2. To what end shall we conceive the providence and patience of God to be exercised towards the race of mankind for so long a season? We see what is the general event of the continuance of mankind in the world; God saw it, and complained of it long ago, Gen. vi, 5, 6. Shall we now think, that God hath no other design in his patience towards the children of men for so many generations, but merely to suffer them all without exception, to sin against him, dishonor him, provoke him, that so he may at length everlastingly destroy them? That this, indeed, is the event with many, or even with the most, through their own perverse wickedness, blindness, and love of sinful pleasures, cannot be denied. But to suppose that God hath no other design, but merely by his patience to bear with them awhile in their folly, and then to avenge himself upon them, is unsuitable to his wisdom and goodness. It cannot be, then, but that he would long since have cut off the whole race (to prevent its propagation) if there were no way for them to be delivered out of this perishing condition.

3. That there is a way of deliverance for mankind, the event hath manifested in two remarkable and undeniable instances.

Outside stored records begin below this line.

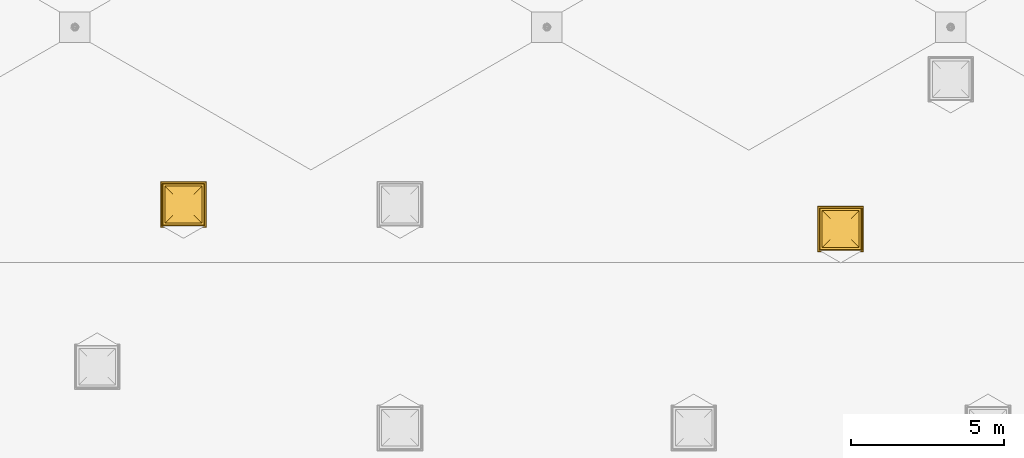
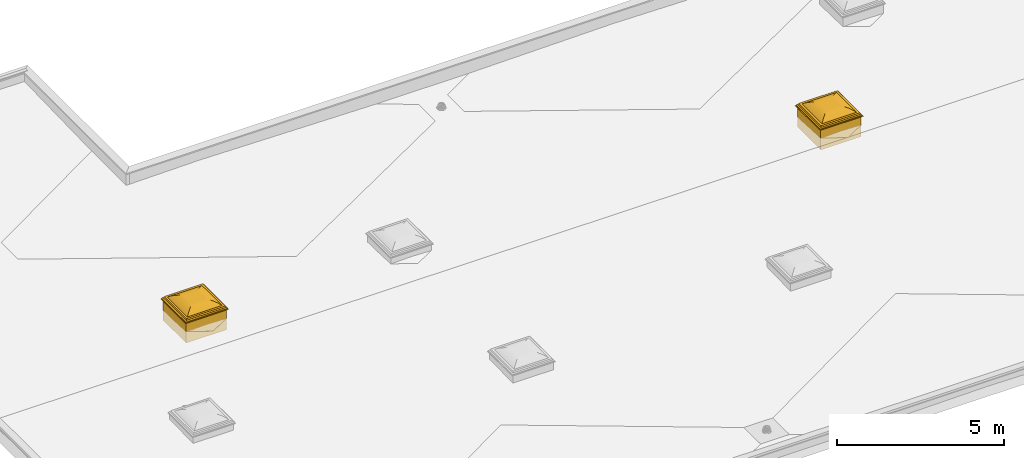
# One storey, part 4 of 5: 2 windows.
"""IFC2X3 building model written with IfcOpenShell, lengths in millimetres."""

from ifc_helpers import new_model, entity, si_unit, converted_unit, derived_unit, direction, frame, origin, place, context, subcontext, project, spatial, faceted_brep, source, transform, mapped, material, material_list, type_object, type_shapes, element, save


model = new_model("IFC2X3")

# Units and contexts
model_context = context("Model", 3, precision=0.01, world=origin(), true_north=direction((6.12303176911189e-17, 1.0)))
body_context = subcontext(model_context, "Body", "Model", "MODEL_VIEW")
ifc_project = project(units=[si_unit("LENGTHUNIT", "METRE", prefix="MILLI"), si_unit("AREAUNIT", "SQUARE_METRE"), si_unit("VOLUMEUNIT", "CUBIC_METRE"), converted_unit("PLANEANGLEUNIT", "DEGREE", entity("IfcRatioMeasure", 0.0174532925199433), si_unit("PLANEANGLEUNIT", "RADIAN"), dimensions=[0, 0, 0, 0, 0, 0, 0]), si_unit("MASSUNIT", "GRAM", prefix="KILO"), derived_unit("MASSDENSITYUNIT", [(si_unit("MASSUNIT", "GRAM", prefix="KILO"), 1), (si_unit("LENGTHUNIT", "METRE"), -3)]), si_unit("TIMEUNIT", "SECOND"), si_unit("FREQUENCYUNIT", "HERTZ"), si_unit("THERMODYNAMICTEMPERATUREUNIT", "DEGREE_CELSIUS"), derived_unit("THERMALTRANSMITTANCEUNIT", [(si_unit("MASSUNIT", "GRAM", prefix="KILO"), 1), (si_unit("THERMODYNAMICTEMPERATUREUNIT", "KELVIN"), -1), (si_unit("TIMEUNIT", "SECOND"), -3)]), derived_unit("VOLUMETRICFLOWRATEUNIT", [(si_unit("LENGTHUNIT", "METRE"), 3), (si_unit("TIMEUNIT", "SECOND"), -1)]), si_unit("ELECTRICCURRENTUNIT", "AMPERE"), si_unit("ELECTRICVOLTAGEUNIT", "VOLT"), si_unit("POWERUNIT", "WATT"), si_unit("FORCEUNIT", "NEWTON", prefix="KILO"), si_unit("ILLUMINANCEUNIT", "LUX"), si_unit("LUMINOUSFLUXUNIT", "LUMEN"), si_unit("LUMINOUSINTENSITYUNIT", "CANDELA"), derived_unit("USERDEFINED", [(si_unit("MASSUNIT", "GRAM", prefix="KILO"), -1), (si_unit("LENGTHUNIT", "METRE"), -2), (si_unit("TIMEUNIT", "SECOND"), 3), (si_unit("LUMINOUSFLUXUNIT", "LUMEN"), 1)]), derived_unit("LINEARVELOCITYUNIT", [(si_unit("LENGTHUNIT", "METRE"), 1), (si_unit("TIMEUNIT", "SECOND"), -1)]), si_unit("PRESSUREUNIT", "PASCAL"), derived_unit("USERDEFINED", [(si_unit("LENGTHUNIT", "METRE"), -2), (si_unit("MASSUNIT", "GRAM", prefix="KILO"), 1), (si_unit("TIMEUNIT", "SECOND"), -2)])], contexts=[model_context])

# Site, building, storey
site_placement = place(None, origin())
site = spatial("IfcSite", under=ifc_project, at=site_placement, Name="Default", CompositionType="ELEMENT")
building_placement = place(site_placement, origin())
building = spatial("IfcBuilding", under=site, at=building_placement, CompositionType="ELEMENT")
storey_placement = place(building_placement, frame((0.0, 0.0, 8000.0)))
storey = spatial("IfcBuildingStorey", under=building, at=storey_placement, Name="KATUS", CompositionType="ELEMENT", Elevation=8000.0)

# Windows
ifc_material_1 = material(Name="akrüül-klaas, 3-kihiline")
ifc_material_2 = material(Name="soojustatud teras-jalam")
ifc_material_list_1 = material_list([ifc_material_1, ifc_material_2])
ifc_material_list_2 = material_list([ifc_material_1, ifc_material_2])
window_style_1 = type_object("IfcWindowStyle", Name="SL02_suitsuluuk 1200x1200 katuselepääs", ConstructionType="NOTDEFINED", OperationType="NOTDEFINED", ParameterTakesPrecedence=False, Sizeable=False, material=ifc_material_list_2)
shared_shape_1 = source(origin(), body_context, "Body", "Brep", [
    faceted_brep([(281.700000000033, -281.700000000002, 779.910168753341), (281.700000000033, -281.700000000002, 773.560168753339), (281.700000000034, 281.700000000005, 773.560168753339), (281.700000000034, 281.700000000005, 779.910168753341), (-281.699999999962, -281.700000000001, 779.910168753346), (-281.699999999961, 281.700000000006, 779.910168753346), (-281.699999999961, 281.700000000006, 773.560168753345), (-281.699999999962, -281.700000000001, 773.560168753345)], [[[0, 1, 2, 3]], [[4, 5, 6, 7]], [[1, 0, 4, 7]], [[2, 1, 7, 6]], [[3, 2, 6, 5]], [[0, 3, 5, 4]]]),
    faceted_brep([(-599.19999999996, -599.2, 609.927298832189), (-599.19999999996, -599.199999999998, 635.0), (-599.19999999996, 599.200000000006, 635.0), (-599.19999999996, 599.200000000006, 609.927298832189), (-281.699999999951, -281.699999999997, 779.910168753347), (-281.69999999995, 281.699999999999, 779.910168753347), (-350.823937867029, 350.823937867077, 765.296429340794), (-350.823937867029, -350.823937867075, 765.296429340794), (-417.927749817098, 417.927749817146, 743.188544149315), (-417.927749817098, -417.927749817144, 743.188544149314), (-482.201579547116, 482.201579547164, 713.853326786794), (-482.201579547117, -482.201579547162, 713.853326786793), (-542.869724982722, 542.86972498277, 677.64481542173), (-542.869724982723, -542.869724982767, 677.644815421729), (599.200000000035, 599.200000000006, 635.0), (599.200000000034, 599.200000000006, 609.927298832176), (281.700000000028, 281.699999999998, 779.910168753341), (350.823937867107, 350.823937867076, 765.296429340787), (417.927749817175, 417.927749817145, 743.188544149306), (482.201579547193, 482.201579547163, 713.853326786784), (542.869724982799, 542.869724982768, 677.644815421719), (599.200000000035, -599.2, 635.0), (599.200000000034, -599.2, 609.927298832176), (281.700000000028, -281.699999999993, 779.910168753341), (350.823937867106, -350.823937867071, 765.296429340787), (417.927749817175, -417.92774981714, 743.188544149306), (482.201579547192, -482.201579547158, 713.853326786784), (542.869724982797, -542.869724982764, 677.644815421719), (-593.576133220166, -593.576133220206, 633.360547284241), (-593.576133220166, -593.576133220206, 609.927298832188), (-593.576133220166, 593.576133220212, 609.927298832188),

1. In that sundry persons who were, as others, "by "nature children of wrath," and under the curse, have obtained an undoubted and infallible interest in the love and favor of God, and this testimony, "that they "pleased him." Some persons, in all generations, have, enjoyed the friendship, love, and favor of God; which they would never have done, unless there had been some way for their deliverance out of the state of sin and misery, before described. For, therein ev

ery man, upon a just account, will find himself in the state of Adam, who, when "he heard the voice of God, was afraid."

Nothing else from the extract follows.